Ross McLean

Personal information
- Full name: Ross Alexander McLean
- Born: 16 March 1981 (age 45) Northampton, Northamptonshire, England
- Batting: Right-handed
- Bowling: Right-arm medium-fast
- Role: Bowler

Domestic team information
- 1999–2002: Northamptonshire Cricket Board

Career statistics
| Competition | List A |
| Matches | 2 |
| Runs scored | 12 |
| Batting average | – |
| 100s/50s | 0/0 |
| Top score | 10* |
| Balls bowled | 90 |
| Wickets | 1 |
| Bowling average | 53.00 |
| 5 wickets in innings | 0 |
| 10 wickets in match | 0 |
| Best bowling | 1/21 |
| Catches/stumpings | 0/– |
- Source: Cricinfo, 21 November 2010

= Ross McLean (cricketer) =

English cricketer

Ross Alexander McLean (born 16 March 1981) is an English cricketer. McLean is a right-handed batsman who bowls right-arm medium-fast. He was born at Northampton, Northamptonshire, and was educated at Duston Upper School before later attending the University of Leeds.

==Career==
McLean made his debut for the Northamptonshire Cricket Board (NCB) against the Essex Cricket Board in the 1999 MCCA Knockout Trophy. He made three further appearances in that competition in 2000, as well as making his List A debut for the NCB against Northumberland in the 2000 NatWest Trophy at the County Ground, Northampton.

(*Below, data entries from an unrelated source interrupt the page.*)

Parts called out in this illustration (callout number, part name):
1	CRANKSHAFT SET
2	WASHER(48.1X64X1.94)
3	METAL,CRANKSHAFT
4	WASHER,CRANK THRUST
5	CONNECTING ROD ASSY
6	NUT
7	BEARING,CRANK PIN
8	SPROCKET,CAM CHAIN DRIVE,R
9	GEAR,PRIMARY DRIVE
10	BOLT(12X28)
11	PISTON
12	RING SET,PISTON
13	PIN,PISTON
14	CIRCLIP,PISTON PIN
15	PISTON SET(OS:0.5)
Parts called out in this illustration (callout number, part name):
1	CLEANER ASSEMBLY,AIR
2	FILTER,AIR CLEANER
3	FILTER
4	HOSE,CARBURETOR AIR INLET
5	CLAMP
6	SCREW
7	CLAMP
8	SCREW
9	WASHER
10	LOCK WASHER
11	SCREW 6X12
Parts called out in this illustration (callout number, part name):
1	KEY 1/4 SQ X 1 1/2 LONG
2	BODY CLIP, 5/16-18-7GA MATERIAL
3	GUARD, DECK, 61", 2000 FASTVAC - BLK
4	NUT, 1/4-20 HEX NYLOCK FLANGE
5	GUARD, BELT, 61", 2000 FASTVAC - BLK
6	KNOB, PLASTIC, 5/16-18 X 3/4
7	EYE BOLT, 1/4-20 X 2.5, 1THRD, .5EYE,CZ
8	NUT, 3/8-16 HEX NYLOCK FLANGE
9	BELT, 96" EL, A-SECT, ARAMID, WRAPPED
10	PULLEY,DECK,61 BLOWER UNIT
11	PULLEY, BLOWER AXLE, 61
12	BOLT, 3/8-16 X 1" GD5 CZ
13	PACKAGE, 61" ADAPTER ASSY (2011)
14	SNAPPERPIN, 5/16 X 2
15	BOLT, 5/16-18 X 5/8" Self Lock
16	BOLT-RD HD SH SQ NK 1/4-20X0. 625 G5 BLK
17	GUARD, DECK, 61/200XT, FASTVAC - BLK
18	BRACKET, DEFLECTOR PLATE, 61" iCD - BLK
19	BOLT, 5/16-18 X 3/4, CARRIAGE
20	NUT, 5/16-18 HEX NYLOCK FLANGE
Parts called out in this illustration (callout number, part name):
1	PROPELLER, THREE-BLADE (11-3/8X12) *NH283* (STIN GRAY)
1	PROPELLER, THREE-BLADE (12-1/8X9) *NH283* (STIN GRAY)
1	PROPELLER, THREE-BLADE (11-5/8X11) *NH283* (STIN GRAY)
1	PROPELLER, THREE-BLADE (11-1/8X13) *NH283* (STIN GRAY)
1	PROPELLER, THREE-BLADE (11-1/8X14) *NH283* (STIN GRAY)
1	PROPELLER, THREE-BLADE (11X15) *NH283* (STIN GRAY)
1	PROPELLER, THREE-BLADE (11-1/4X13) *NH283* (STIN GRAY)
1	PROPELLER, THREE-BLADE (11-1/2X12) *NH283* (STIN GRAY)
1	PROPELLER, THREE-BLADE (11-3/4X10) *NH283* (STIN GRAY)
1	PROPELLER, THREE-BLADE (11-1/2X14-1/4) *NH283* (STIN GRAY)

In a match which Northumberland won by 6 wickets, McLean ended the NCB's innings of 173/8 not out on 10. Bowling ten overs in Northumberland's innings, McLean took the wicket of Wayne Falla to finish with figures of 1/21. Two years later he made a fifth and final MCCA Knockout Trophy appearance for the NCB against Devon, as well as making a second and final List A appearance in the Cheltenham & Gloucester Trophy against the Yorkshire Cricket Board at the County Ground. In a match which the Yorkshire Cricket Board won by 57 runs, McLean bowled five wicketless overs which conceded 32 runs, while he ended the NCB's innings of 176 all out not out on 2. While attending the University of Leeds, McLean played for Leeds/Bradford UCCE before it gained first-class status.